- Market turmoil "significantly" tightened financial conditions
- Fed chair non-committal on possible use of negative rates
Federal Reserve Chair Janet Yellen suggested that the central bank might delay, but not abandon, planned interest-rate increases in response to recent turmoil in financial markets.
In presenting the Fed’s semi-annual economic report to Congress, Yellen said the turbulence had "significantly" tightened financial conditions by pushing down stock prices, pushing up the dollar and raising some borrowing costs.
"These developments, if they prove persistent, could weigh on the outlook for economic activity and the labor market," she told the House Financial Services Committee on Wednesday.

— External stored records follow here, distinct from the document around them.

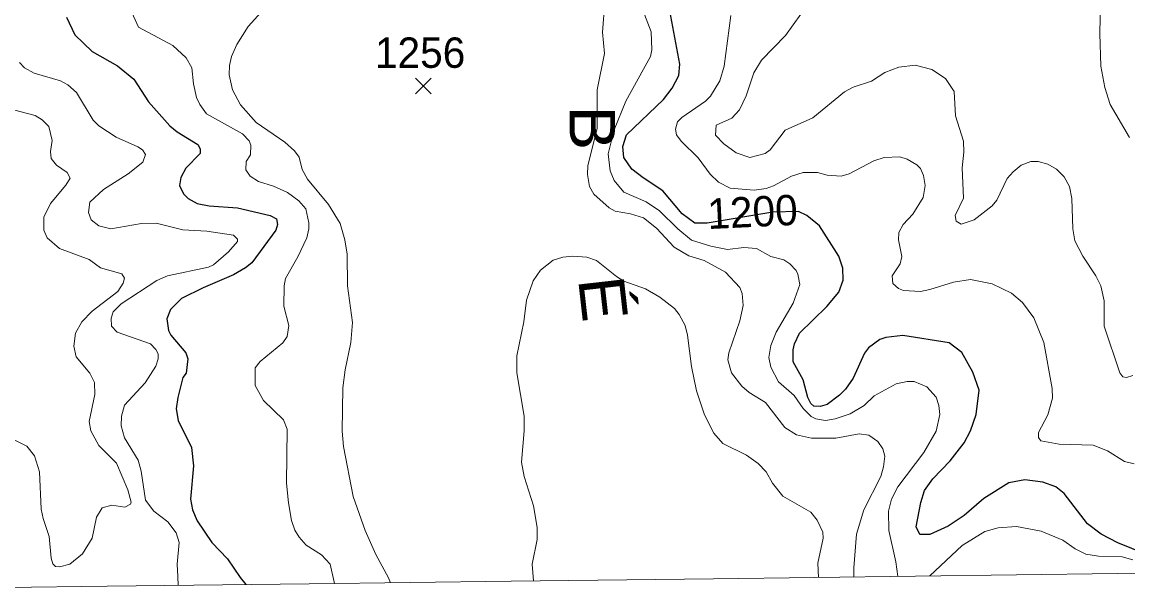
# Model space of a CAD drawing. Extents: x 265 to 291.4, y 7731.5 to 7759.6.
# Drawn here: x 284.274 to 287.186, y 7731.79 to 7733.282 of the extents above; entities that cross this region are included whole.
import ezdxf
from ezdxf.enums import TextEntityAlignment as Align

# ---------------------------------------------------------------- set-up
doc = ezdxf.new("R2010")
doc.units = 0
doc.header["$LTSCALE"] = 0.032
for name, color, linetype, lineweight in [('1', 7, 'Continuous', 25), ('2', 7, 'Continuous', 13), ('21', 7, 'Continuous', 25), ('61', 7, 'Continuous', 13), ('63', 7, 'Continuous', 25)]:
    doc.layers.add(name, color=color, linetype=linetype, lineweight=lineweight)

msp = doc.modelspace()

# ---------------------------------------------------------------- linework, layer by layer
at = {"layer": '1'}
for points in [[(286.5034, 7732.4247), (286.4923, 7732.4111), (286.4628, 7732.3451), (286.4422, 7732.3157), (286.427, 7732.3006), (286.3937, 7732.2759), (286.3754, 7732.2703), (286.3587, 7732.2711), (286.3515, 7732.2783), (286.3435, 7732.2942), (286.3308, 7732.3404), (286.3045, 7732.3881), (286.3045, 7732.4199), (286.3077, 7732.4358), (286.3212, 7732.4637), (286.3936, 7732.5336), (286.4247, 7732.571), (286.4366, 7732.6029), (286.4358, 7732.6347), (286.4247, 7732.6665), (286.3737, 7732.7461), (286.3404, 7732.7731), (286.3184, 7732.7838), (286.251, 7732.7818), (286.0784, 7732.7532), (286.046, 7732.7532), (286.0126, 7732.7779), (285.9617, 7732.8383), (285.9092, 7732.8725), (285.8798, 7732.8956), (285.8583, 7732.9258), (285.8559, 7732.9545), (285.8654, 7732.9855), (285.9633, 7733.0785), (285.9863, 7733.1088), (286.0031, 7733.1414), (286.0062, 7733.1716), (285.9744, 7733.3411)], [(284.3906, 7733.2949), (284.4129, 7733.2488), (284.459, 7733.205), (284.5251, 7733.1668), (284.568, 7733.1318), (284.607, 7733.0722), (284.6627, 7733.0094), (284.6826, 7732.9934), (284.7367, 7732.96), (284.743, 7732.9489), (284.743, 7732.9362), (284.7056, 7732.898), (284.6921, 7732.8733), (284.6889, 7732.8518), (284.6992, 7732.8304), (284.7112, 7732.8176), (284.7351, 7732.8049), (284.7669, 7732.7985), (284.8417, 7732.793), (284.9276, 7732.7731), (284.9443, 7732.7643), (284.9466, 7732.7492), (284.9419, 7732.7349), (284.879, 7732.649), (284.8624, 7732.6355), (284.8305, 7732.6172), (284.751, 7732.5829), (284.6937, 7732.5543), (284.6651, 7732.5257), (284.6555, 7732.501), (284.6595, 7732.4708), (284.6658, 7732.4581), (284.7048, 7732.412), (284.7104, 7732.396), (284.7064, 7732.3586), (284.6969, 7732.3467), (284.6841, 7732.2942), (284.6802, 7732.264), (284.6849, 7732.2338), (284.7199, 7732.1622), (284.7255, 7732.1144), (284.7176, 7732.0269), (284.7231, 7731.9983), (284.735, 7731.9697), (284.774, 7731.9124), (284.8146, 7731.8694), (284.848, 7731.8201), (284.863, 7731.8017)], [(286.7779, 7732.361), (286.7492, 7732.4127), (286.715, 7732.4382), (286.5933, 7732.4573), (286.5488, 7732.4517), (286.5329, 7732.4469), (286.5034, 7732.4247)], [(287.2329, 7731.8821), (287.1597, 7731.9116), (287.116, 7731.9346), (287.0801, 7731.9617), (287.0181, 7732.0412), (286.9966, 7732.0587), (286.9624, 7732.0715), (286.9147, 7732.077), (286.8725, 7732.0691), (286.8065, 7732.0285), (286.7548, 7731.9832), (286.7126, 7731.9553), (286.6649, 7731.9338), (286.6379, 7731.9338), (286.6283, 7731.9538), (286.641, 7732.0174), (286.6506, 7732.0492), (286.672, 7732.0802), (286.7182, 7732.1271), (286.7548, 7732.1749), (286.7715, 7732.2067), (286.7866, 7732.2497), (286.7946, 7732.3133), (286.7779, 7732.361)]]:
    msp.add_lwpolyline(points, dxfattribs=at)
at = {"layer": '2'}
for points in [[(287.1899, 7732.9783), (287.1398, 7733.0658), (287.1255, 7733.1104), (287.1144, 7733.1661), (287.112, 7733.252), (287.1152, 7733.3761), (287.1231, 7733.4318), (287.143, 7733.4763), (287.1748, 7733.5336), (287.1939, 7733.6147)], [(284.9467, 7733.357), (284.8695, 7733.2711), (284.8393, 7733.2233), (284.8258, 7733.1915), (284.8202, 7733.1677), (284.8194, 7733.1438), (284.8281, 7733.104), (284.8496, 7733.0642), (284.8902, 7733.0181), (284.9658, 7732.9664), (284.9912, 7732.9433), (285.0039, 7732.9266), (285.0119, 7732.894), (285.0254, 7732.8686), (285.0811, 7732.8025), (285.1113, 7732.7524), (285.1241, 7732.7095), (285.1304, 7732.6713), (285.1312, 7732.5885), (285.1439, 7732.4915), (285.14, 7732.439), (285.1249, 7732.3674), (285.1185, 7732.3197), (285.1169, 7732.2051), (285.1201, 7732.1654), (285.1455, 7732.0333), (285.1774, 7731.9442), (285.2052, 7731.8806), (285.2391, 7731.8195), (285.2446, 7731.8065)], [(285.0964, 7731.8046), (285.0855, 7731.8551), (285.0622, 7731.8797), (285.0217, 7731.9056), (285.0038, 7731.9262), (284.9925, 7731.9448), (284.9839, 7731.97), (284.9752, 7732.0172), (284.9706, 7732.069), (284.9723, 7732.2105), (284.9623, 7732.2357), (284.9098, 7732.2862), (284.8876, 7732.3261), (284.8882, 7732.3719), (284.9013, 7732.3889), (284.961, 7732.4382), (284.9721, 7732.4549), (284.9761, 7732.4835), (284.9634, 7732.5345), (284.9642, 7732.5885), (284.9681, 7732.6076), (285, 7732.6641), (285.0238, 7732.7142), (285.0294, 7732.7381), (285.0294, 7732.754), (285.0211, 7732.7912), (285.0025, 7732.8118), (284.9733, 7732.8337), (284.9361, 7732.8503), (284.8963, 7732.8629), (284.875, 7732.8769), (284.8631, 7732.8935), (284.8638, 7732.9154), (284.8757, 7732.9327), (284.8764, 7732.9586), (284.8721, 7732.9699), (284.8548, 7732.9885), (284.7599, 7733.041), (284.7419, 7733.0656), (284.7333, 7733.0842), (284.7253, 7733.12), (284.7207, 7733.1619), (284.7064, 7733.1878), (284.6712, 7733.2204), (284.5802, 7733.2689), (284.559, 7733.3173)], [(286.4647, 7731.8218), (286.4646, 7731.8457), (286.4716, 7731.9347), (286.4907, 7731.9983), (286.5352, 7732.0858), (286.5424, 7732.1113), (286.5456, 7732.1399), (286.5408, 7732.159), (286.5273, 7732.1781), (286.5042, 7732.1948), (286.4788, 7732.1987), (286.4167, 7732.1868), (286.3531, 7732.1868), (286.3133, 7732.1956), (286.2823, 7732.2155), (286.2314, 7732.2807), (286.1884, 7732.3077), (286.1693, 7732.3236), (286.1423, 7732.3594), (286.1327, 7732.3929), (286.1351, 7732.412), (286.1645, 7732.4963), (286.1733, 7732.536), (286.1701, 7732.5679), (286.1638, 7732.5838), (286.1264, 7732.6243), (286.0699, 7732.6546), (286.0301, 7732.6673), (285.9911, 7732.6896), (285.945, 7732.7397), (285.9108, 7732.7675), (285.8758, 7732.7779), (285.836, 7732.785), (285.8201, 7732.793), (285.7795, 7732.8296), (285.7684, 7732.8495), (285.7628, 7732.8813), (285.7636, 7732.9052), (285.7883, 7733.0022), (285.7883, 7733.104), (285.8074, 7733.1995), (285.8026, 7733.256), (285.8082, 7733.3347)], [(285.8997, 7733.3363), (285.9307, 7733.2568), (285.9323, 7733.209), (285.9291, 7733.1915), (285.8639, 7733.0738), (285.8328, 7732.999), (285.8177, 7732.9354), (285.8225, 7732.8908), (285.8328, 7732.8654)], [(287.2027, 7732.1192), (287.1772, 7732.1256), (287.1327, 7732.1534), (287.0945, 7732.1685), (287.0054, 7732.1709), (286.9569, 7732.1797), (286.9505, 7732.1892), (286.9505, 7732.2019), (286.9751, 7732.2481), (286.9871, 7732.2926), (286.9863, 7732.3181), (286.9648, 7732.439), (286.9386, 7732.5042), (286.9083, 7732.544), (286.8797, 7732.5686), (286.8288, 7732.5933), (286.7715, 7732.6044), (286.727, 7732.5981), (286.6649, 7732.5782), (286.6395, 7732.5734), (286.5949, 7732.5758), (286.5822, 7732.5814), (286.5671, 7732.5941), (286.5655, 7732.614), (286.5862, 7732.6458), (286.5909, 7732.6649), (286.5822, 7732.7095), (286.583, 7732.7286), (286.5941, 7732.7492), (286.6196, 7732.7763), (286.6466, 7732.8208), (286.6522, 7732.8526), (286.6474, 7732.8781), (286.6395, 7732.8972), (286.6299, 7732.9067), (286.6045, 7732.9218), (286.5854, 7732.9274), (286.544, 7732.9258), (286.517, 7732.9171), (286.4517, 7732.8829), (286.431, 7732.8765), (286.3945, 7732.8797), (286.369, 7732.8861), (286.3308, 7732.8861), (286.2998, 7732.8765), (286.2529, 7732.851), (286.2338, 7732.8439), (286.2019, 7732.8399), (286.1383, 7732.8455), (286.1081, 7732.8606), (286.0858, 7732.8821), (286.0548, 7732.925), (286.0094, 7732.9688), (285.9975, 7732.9855), (285.9943, 7733.0006), (285.9999, 7733.0197), (286.011, 7733.0308), (286.0739, 7733.0746), (286.0866, 7733.0873), (286.1113, 7733.1279), (286.1232, 7733.1661), (286.1407, 7733.2997)], [(286.3244, 7733.3029), (286.2847, 7733.2472), (286.221, 7733.182), (286.2011, 7733.1486), (286.1805, 7733.0881), (286.1637, 7733.0515), (286.1431, 7733.0292), (286.1017, 7733.0109), (286.1001, 7732.9847), (286.1216, 7732.9616), (286.1542, 7732.9378), (286.1908, 7732.9258), (286.2306, 7732.9362), (286.2441, 7732.9465), (286.2831, 7732.9982), (286.3563, 7733.03), (286.4398, 7733.0984), (286.4629, 7733.1112), (286.5106, 7733.1271), (286.5464, 7733.1494), (286.583, 7733.1637), (286.6259, 7733.1692), (286.6697, 7733.1573), (286.7055, 7733.1334), (286.7285, 7733.0992), (286.7325, 7733.0356), (286.7532, 7732.9688), (286.754, 7732.9402)], [(284.2673, 7733.1756), (284.2808, 7733.1621), (284.3055, 7733.1478), (284.3755, 7733.1279), (284.3946, 7733.1175), (284.4177, 7733.0969), (284.4614, 7733.0245), (284.4765, 7733.0093), (284.5219, 7732.9791), (284.5792, 7732.9537), (284.5911, 7732.9457), (284.599, 7732.9338), (284.5919, 7732.9139), (284.5537, 7732.8829), (284.4885, 7732.8415), (284.4527, 7732.8081), (284.4487, 7732.7811), (284.4558, 7732.762), (284.4757, 7732.746), (284.5076, 7732.7381), (284.5887, 7732.7524), (284.6269, 7732.7532), (284.6969, 7732.7357), (284.7605, 7732.7317), (284.8305, 7732.7214), (284.8409, 7732.7111), (284.8409, 7732.7047), (284.8178, 7732.6776), (284.778, 7732.6434), (284.7653, 7732.6371), (284.6571, 7732.6148), (284.6285, 7732.6021), (284.5346, 7732.5408), (284.5139, 7732.5193), (284.5083, 7732.5026), (284.5099, 7732.482), (284.5243, 7732.466), (284.6126, 7732.435), (284.6261, 7732.4207), (284.6324, 7732.4088), (284.6324, 7732.396), (284.6261, 7732.3769), (284.5982, 7732.3324), (284.5441, 7732.2743), (284.5354, 7732.2449), (284.5346, 7732.2194), (284.5441, 7732.1876), (284.5799, 7732.1295), (284.5879, 7732.1001), (284.599, 7732.0238), (284.6213, 7731.9951), (284.6579, 7731.9673), (284.6802, 7731.9378), (284.6873, 7731.9124)], [(284.2124, 7732.2019), (284.2864, 7732.1661), (284.3063, 7732.1407), (284.3198, 7732.0985), (284.3246, 7731.9999), (284.3294, 7731.976), (284.3453, 7731.9283), (284.3508, 7731.871), (284.3548, 7731.8559), (284.362, 7731.8495), (284.3723, 7731.8487), (284.3994, 7731.8551), (284.4328, 7731.8829), (284.459, 7731.9235), (284.4702, 7731.9792), (284.4853, 7732.0039), (284.5107, 7732.011), (284.5442, 7732.0054), (284.5593, 7732.0134), (284.5616, 7732.019), (284.5529, 7732.0508), (284.5227, 7732.1216), (284.4765, 7732.1677), (284.4551, 7732.2067), (284.4511, 7732.2306), (284.4654, 7732.3022), (284.4646, 7732.334), (284.4527, 7732.3579), (284.4161, 7732.4008), (284.4105, 7732.4295), (284.4145, 7732.4637), (284.4312, 7732.4931), (284.4582, 7732.5217), (284.5259, 7732.5734), (284.5402, 7732.5949), (284.5433, 7732.6084), (284.537, 7732.6196), (284.4805, 7732.6355), (284.4511, 7732.657), (284.3723, 7732.6864), (284.3405, 7732.7142), (284.331, 7732.7349), (284.3317, 7732.7691), (284.3485, 7732.8049), (284.389, 7732.8534), (284.4002, 7732.8717), (284.393, 7732.8861), (284.3644, 7732.9059), (284.3508, 7732.9234), (284.3485, 7732.9417), (284.3532, 7732.9704), (284.3445, 7733.0078), (284.327, 7733.0253), (284.3087, 7733.0364), (284.1973, 7733.0658)], [(286.754, 7732.9402), (286.75, 7732.8988), (286.7532, 7732.8192), (286.7309, 7732.7731), (286.7341, 7732.758), (286.7468, 7732.7508), (286.7811, 7732.7619)], [(286.7811, 7732.7619), (286.8288, 7732.7985), (286.8407, 7732.8137), (286.8685, 7732.8709), (286.8837, 7732.8884), (286.9051, 7732.9059), (286.9306, 7732.9155), (286.9497, 7732.9155), (286.9752, 7732.9083), (286.9982, 7732.8948), (287.0181, 7732.8749), (287.0324, 7732.8495), (287.0388, 7732.8176), (287.0412, 7732.7381), (287.0467, 7732.7063), (287.0674, 7732.6665), (287.1016, 7732.6148), (287.1144, 7732.5885), (287.1239, 7732.5488), (287.1239, 7732.482), (287.1645, 7732.3594), (287.1724, 7732.3483), (287.182, 7732.3467), (287.1987, 7732.3523)], [(285.8328, 7732.8654), (285.8591, 7732.8343), (285.9172, 7732.8089), (285.9522, 7732.7858), (286.0007, 7732.7381), (286.0365, 7732.7087), (286.0874, 7732.6927)], [(286.0874, 7732.6927), (286.1319, 7732.684), (286.1749, 7732.6888), (286.2083, 7732.6864), (286.2457, 7732.6657), (286.2799, 7732.6562), (286.2958, 7732.6458), (286.3125, 7732.6283), (286.3173, 7732.6188), (286.3221, 7732.5917), (286.3046, 7732.5424), (286.26, 7732.466), (286.2457, 7732.431), (286.2409, 7732.3992), (286.2457, 7732.3738), (286.2656, 7732.3356), (286.307, 7732.299), (286.3308, 7732.2656), (286.3523, 7732.2441), (286.3642, 7732.2377), (286.3897, 7732.2337), (286.4151, 7732.2377), (286.4549, 7732.2512), (286.4915, 7732.2735), (286.5178, 7732.2982), (286.5758, 7732.33), (286.6045, 7732.3364), (286.6236, 7732.3364), (286.657, 7732.322), (286.6808, 7732.295), (286.688, 7732.2735), (286.6912, 7732.2497), (286.6816, 7732.2059), (286.649, 7732.1494), (286.5798, 7732.0588), (286.5639, 7732.0269), (286.5559, 7731.9951), (286.5567, 7731.9442), (286.575, 7731.8615), (286.5801, 7731.8233)], [(285.6204, 7731.8112), (285.617, 7731.8558), (285.6308, 7731.9203), (285.6308, 7731.9522), (285.6204, 7732.0094), (285.5958, 7732.0858), (285.5894, 7732.124), (285.5958, 7732.2067), (285.5958, 7732.2449), (285.5767, 7732.3594), (285.5767, 7732.404), (285.595, 7732.4931), (285.6021, 7732.5504), (285.6196, 7732.6013), (285.6395, 7732.6291), (285.6722, 7732.6554), (285.6976, 7732.6633), (285.7231, 7732.6665), (285.7612, 7732.6633), (285.7867, 7732.6546), (285.8392, 7732.6124), (285.8583, 7732.6005), (285.9156, 7732.5798), (285.9538, 7732.5583), (285.9919, 7732.5281), (286.0047, 7732.5122), (286.0198, 7732.4835), (286.0261, 7732.4581), (286.0373, 7732.3754), (286.05, 7732.3117), (286.0707, 7732.2481), (286.0954, 7732.2003), (286.1192, 7732.1733), (286.1813, 7732.1423), (286.2123, 7732.12), (286.2338, 7732.0985), (286.2505, 7732.0683), (286.2775, 7732.0341), (286.3507, 7731.9927), (286.3682, 7731.9713), (286.3825, 7731.9394), (286.3833, 7731.9235), (286.3698, 7731.8583), (286.3711, 7731.8207)], [(286.6649, 7731.8243), (286.75, 7731.9044), (286.8089, 7731.9418), (286.8447, 7731.9514), (286.8924, 7731.9545), (286.9577, 7731.9426), (287.0149, 7731.9187), (287.0468, 7731.8957), (287.0754, 7731.8821), (287.1088, 7731.8766), (287.1708, 7731.875), (287.1995, 7731.867)], [(284.6873, 7731.9124), (284.6826, 7731.8551), (284.6842, 7731.8233), (284.6853, 7731.7995)]]:
    msp.add_lwpolyline(points, dxfattribs=at)
at = {"layer": '21'}
for p, q in [((285.3097, 7733.1351), (285.3509, 7733.0939)), ((285.3509, 7733.1351), (285.3097, 7733.0939))]:
    msp.add_line(p, q, dxfattribs=at)
at = {"layer": '63', "lineweight": 13}
msp.add_lwpolyline([(283.9654, 7731.7904), (284.4977, 7731.7971), (285.03, 7731.8038), (285.5623, 7731.8105), (286.0945, 7731.8172), (286.6268, 7731.8239), (287.1591, 7731.8305), (287.6914, 7731.8372), (288.2236, 7731.8438), (288.7559, 7731.8504), (289.2882, 7731.857), (289.8204, 7731.8635), (290.3527, 7731.8701), (290.885, 7731.8766), (291.4172, 7731.8831)], dxfattribs=at)

# ---------------------------------------------------------------- texts
at = {"layer": '61'}
msp.add_text('1256', height=0.08, dxfattribs=at).set_placement((285.3222, 7733.1619), align=Align.CENTER)
at = {"layer": '61', "width": 1.1}
for s, rotation, p in [('B', 270, (285.7158, 7733.0039)), ('É', 276.477, (285.7447, 7732.5475))]:
    msp.add_text(s, height=0.12, rotation=rotation, dxfattribs=at).set_placement(p, align=Align.CENTER)
at = {"layer": '61'}
msp.add_text('1200', height=0.08, rotation=2.742, dxfattribs=at).set_placement((286.1994, 7732.7431), align=Align.CENTER)

doc.saveas('drawing.dxf')

Policy makers provisionally penciled in four quarter percentage point rate increases for 2016 when they hiked borrowing costs in December for the first time since 2006. The financial markets since then have been rocked by a series of shocks, from a depreciation of China’s currency to a steep fall in oil prices, that raised concerns among investors about the outlook for the world economy.
In spite of the big moves in the markets, Yellen said she hasn’t seen a steep drop-off in economic growth, either in the U.S. or globally. "Recent economic indicators do not suggest a sharp slowdown" in China, she added.
She forecast that the American economy would bounce back this quarter after slowing in the final three months of 2015 and said she expects wage gains to accelerate now that unemployment has fallen to an eight-year low.
"Yellen maintained a cautiously optimistic outlook, while acknowledging increasing downside risks," Kathy Bostjancic, an economist at Oxford Economics USA in New York, said in a research note.
The Fed chair said the policy-making Federal Open Market Committee continues to see the next move in interest rates as up, rather than down. "I do not expect the FOMC is going to be soon in a situation where it’s necessary to cut rates," she said.
She reiterated the Fed’s intention to raise rates gradually, allowing the economy to continue to expand at a moderate pace and the labor market to improve further.
"The message that I think she is trying to send for policy is that tightening will be delayed, but that the longer-run outlook is not changed much," said Jonathan Wright, a professor at Johns Hopkins University in Baltimore and a former Fed economist.
Yellen was non-committal on whether the Fed would follow the lead of some other central banks and push rates below zero if the economy deteriorated significantly.
"We will look at it and should look at it" as part of prudent planning, she said. Yellen also said the central bank had not yet determined whether it would be able to legally implement negative interest rates.
Yellen spent much of her three-hour-plus testimony fending off attacks on the central bank. In a rare display of unity, lawmakers from both the Republican and Democratic parties criticized the Fed for providing subsidies to the banks by paying them higher-than-market interest rates for their reserves.
The Fed chief defended the practice, arguing that it allowed the central bank to maintain a big balance sheet and thus provide support to the economy.
Yellen’s appearance before Congress "conveyed a message of calm from the Federal Reserve," Bloomberg Intelligence economists Carl Riccadonna and Rich Yamarone said in a note summing up her testimony.
"She acknowledged potential points of concern, including the deterioration in financial conditions, diminished international growth prospects and fallout from low commodity prices, but she also re-emphasized the bright spots in the economy."